Sony Music Entertainment has settled a lawsuit filed by a Connecticut lawyer who said record company executives retaliated against him for winning higher pay for gospel music artists.
Stamford-based attorney James Walker Jr. sued Sony in federal court in Bridgeport in 2005. He claimed executives pressured some of gospel music's biggest stars, including Grammy winners Hezekiah Walker, Donald Lawrence and Twinkie Clark, into dropping Walker as their agent in an effort to reduce costs and retain control over the industry.
Sony and Walker filed a court document April 29, the day the trial was supposed to start, indicating that they reached a settlement. Terms weren't disclosed.
The company doesn't comment on litigation, a spokeswoman for New York-based Sony Music Entertainment, Liz Young, said May 1.
Walker called the settlement a victory for artists and their rights to effective legal representation and just compensation.
“It’s a victory because…the artists stood up,” Walker said May 1. “I think the level of awareness (of artists' pay) has been raised, and that's a victory.”

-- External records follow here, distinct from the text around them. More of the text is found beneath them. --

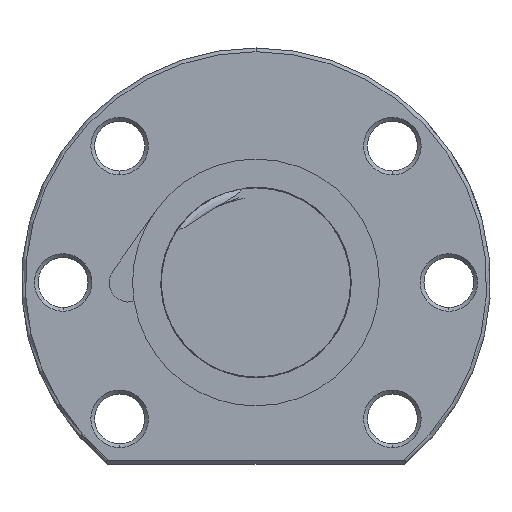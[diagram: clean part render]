
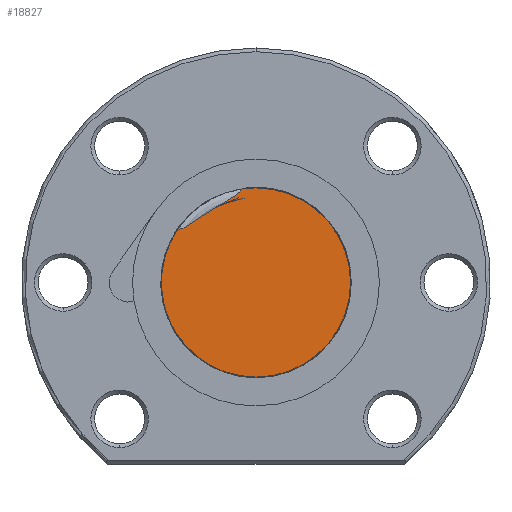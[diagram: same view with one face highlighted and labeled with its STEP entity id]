
A CAD part, left-side view. The second image highlights one B-rep face of the part: STEP entity #18827.
In plain terms, the highlighted planar face has unit normal (-1, 0, 0).
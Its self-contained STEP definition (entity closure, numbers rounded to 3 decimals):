
#1044 = CARTESIAN_POINT ( 'NONE',  ( -271., 3.147, 11.217 ) ) ;
#1045 = CARTESIAN_POINT ( 'NONE',  ( -271., 2.634, 11.582 ) ) ;
#1046 = CARTESIAN_POINT ( 'NONE',  ( -271., 2.466, 11.71 ) ) ;
#1047 = CARTESIAN_POINT ( 'NONE',  ( -271., 2.234, 11.925 ) ) ;
#1048 = CARTESIAN_POINT ( 'NONE',  ( -271., 2.161, 12. ) ) ;
#1049 = CARTESIAN_POINT ( 'NONE',  ( -271., 2.028, 12.163 ) ) ;
#1050 = CARTESIAN_POINT ( 'NONE',  ( -271., 1.968, 12.253 ) ) ;
#1051 = CARTESIAN_POINT ( 'NONE',  ( -271., 1.927, 12.351 ) ) ;
#1176 = CARTESIAN_POINT ( 'NONE',  ( -271., 10.355, 7.001 ) ) ;
#1177 = CARTESIAN_POINT ( 'NONE',  ( -271., 10.25, 6.997 ) ) ;
#1178 = CARTESIAN_POINT ( 'NONE',  ( -271., 10.144, 7.013 ) ) ;
#1179 = CARTESIAN_POINT ( 'NONE',  ( -271., 9.941, 7.062 ) ) ;
#1180 = CARTESIAN_POINT ( 'NONE',  ( -271., 9.842, 7.097 ) ) ;
#1181 = CARTESIAN_POINT ( 'NONE',  ( -271., 9.549, 7.214 ) ) ;
#1182 = CARTESIAN_POINT ( 'NONE',  ( -271., 9.363, 7.311 ) ) ;
#1183 = CARTESIAN_POINT ( 'NONE',  ( -271., 8.816, 7.619 ) ) ;
#1184 = CARTESIAN_POINT ( 'NONE',  ( -271., 8.464, 7.85 ) ) ;
#1271 = B_SPLINE_CURVE_WITH_KNOTS ( 'NONE', 3,
 ( #1051, #1050, #1049, #1048, #1047, #1046, #1045, #1044, #1280, #1279, #1278, #1277, #1276, #1275, #1274, #1273, #1184, #1183, #1182, #1181, #1180, #1179, #1178, #1177, #1176 ),
 .UNSPECIFIED., .F., .F.,
 ( 4, 2, 2, 2, 2, 2, 1, 2, 2, 2, 2, 2, 4 ),
 ( 0., 0.001, 0.001, 0.002, 0.003, 0.004, 0.005, 0.007, 0.008, 0.009, 0.01, 0.01, 0.01 ),
 .UNSPECIFIED. ) ;
#1273 = CARTESIAN_POINT ( 'NONE',  ( -271., 7.764, 8.313 ) ) ;
#1274 = CARTESIAN_POINT ( 'NONE',  ( -271., 7.416, 8.548 ) ) ;
#1275 = CARTESIAN_POINT ( 'NONE',  ( -271., 6.716, 9.011 ) ) ;
#1276 = CARTESIAN_POINT ( 'NONE',  ( -271., 6.013, 9.468 ) ) ;
#1277 = CARTESIAN_POINT ( 'NONE',  ( -271., 5.299, 9.909 ) ) ;
#1278 = CARTESIAN_POINT ( 'NONE',  ( -271., 4.582, 10.345 ) ) ;
#1279 = CARTESIAN_POINT ( 'NONE',  ( -271., 4.222, 10.561 ) ) ;
#1280 = CARTESIAN_POINT ( 'NONE',  ( -271., 3.505, 10.997 ) ) ;
#1281 = DIRECTION ( 'NONE',  ( 0., 0., -1. ) ) ;
#1282 = DIRECTION ( 'NONE',  ( 1., 0., 0. ) ) ;
#1283 = CARTESIAN_POINT ( 'NONE',  ( -271., 0., 0. ) ) ;
#1284 = AXIS2_PLACEMENT_3D ( 'NONE', #1283, #1282, #1281 ) ;
#1285 = PLANE ( 'NONE',  #1284 ) ;
#1306 = FACE_OUTER_BOUND ( 'NONE', #18828, .T. ) ;
#18357 = EDGE_CURVE ( 'NONE', #18389, #18376, #19797, .T. ) ;
#18367 = VERTEX_POINT ( 'NONE', #20068 ) ;
#18376 = VERTEX_POINT ( 'NONE', #20240 ) ;
#18378 = EDGE_CURVE ( 'NONE', #18376, #18367, #20242, .T. ) ;
#18388 = EDGE_CURVE ( 'NONE', #18425, #18389, #20361, .T. ) ;
#18389 = VERTEX_POINT ( 'NONE', #20356 ) ;
#18425 = VERTEX_POINT ( 'NONE', #20510 ) ;
#18827 = ADVANCED_FACE ( 'NONE', ( #1306 ), #1285, .F. ) ;
#18828 = EDGE_LOOP ( 'NONE', ( #18829, #18830, #18832, #18833 ) ) ;
#18829 = ORIENTED_EDGE ( 'NONE', *, *, #18388, .F. ) ;
#18830 = ORIENTED_EDGE ( 'NONE', *, *, #18831, .T. ) ;
#18831 = EDGE_CURVE ( 'NONE', #18425, #18367, #1271, .T. ) ;
#18832 = ORIENTED_EDGE ( 'NONE', *, *, #18378, .F. ) ;
#18833 = ORIENTED_EDGE ( 'NONE', *, *, #18357, .F. ) ;
#19797 = CIRCLE ( 'NONE', #19941, 12.5 ) ;
#19938 = DIRECTION ( 'NONE',  ( 0., 1., 0. ) ) ;
#19939 = DIRECTION ( 'NONE',  ( 1., 0., 0. ) ) ;
#19940 = CARTESIAN_POINT ( 'NONE',  ( -271., 0., 0. ) ) ;
#19941 = AXIS2_PLACEMENT_3D ( 'NONE', #19940, #19939, #19938 ) ;
#20068 = CARTESIAN_POINT ( 'NONE',  ( -271., 10.355, 7.001 ) ) ;
#20240 = CARTESIAN_POINT ( 'NONE',  ( -271., 0., -12.5 ) ) ;
#20242 = CIRCLE ( 'NONE', #20348, 12.5 ) ;
#20345 = DIRECTION ( 'NONE',  ( 0., 1., 0. ) ) ;
#20346 = DIRECTION ( 'NONE',  ( 1., 0., 0. ) ) ;
#20347 = CARTESIAN_POINT ( 'NONE',  ( -271., 0., 0. ) ) ;
#20348 = AXIS2_PLACEMENT_3D ( 'NONE', #20347, #20346, #20345 ) ;
#20356 = CARTESIAN_POINT ( 'NONE',  ( -271., 0., 12.5 ) ) ;
#20357 = DIRECTION ( 'NONE',  ( 0., 1., 0. ) ) ;
#20358 = DIRECTION ( 'NONE',  ( 1., 0., 0. ) ) ;
#20359 = CARTESIAN_POINT ( 'NONE',  ( -271., 0., 0. ) ) ;
#20360 = AXIS2_PLACEMENT_3D ( 'NONE', #20359, #20358, #20357 ) ;
#20361 = CIRCLE ( 'NONE', #20360, 12.5 ) ;
#20510 = CARTESIAN_POINT ( 'NONE',  ( -271., 1.927, 12.351 ) ) ;

Walker filed the lawsuit against Sony Music Entertainment's predecessor, Sony BMI Music Entertainment, and three of its subsidiaries: record producer Zomba Enterprises, distributor Verity Records and distributor Provident Records. It also sued Verity Records President Max Siegel. Verity Records is now RCA Inspirational.
Walker said the company had been underpaying gospel artists for years and forcing them to sign contracts with terms dictated by the company, before the artists began using him and other lawyers to negotiate compensation.
Sony has also made more than $100 million over the years from the popular WOW compilation records featuring various gospel artists, but has never paid the artists, Walker said.
Walker said his success in winning higher pay for his clients cost Sony money and executives retaliated with an effort to slash costs. He said executives used "trickery and deceit" to convince artists to drop his services and warned them that the company wouldn't work with them or record their music if they retained Walker.
Walker said he lost a dozen or so clients because of the company's tactics.
“Often labels want artists to use attorneys that the labels can control,” Walker said. “This avoids paying the artists their worth and saves the labels millions of dollars and is clearly a conflict of interest. When you decide to tell untruths about this firm and threaten our artists, you have crossed the line.”
Walker said he plans to meet with Sony executives within the next two weeks to discuss new ways of doing business and compensating artists whose work appears on the WOW records.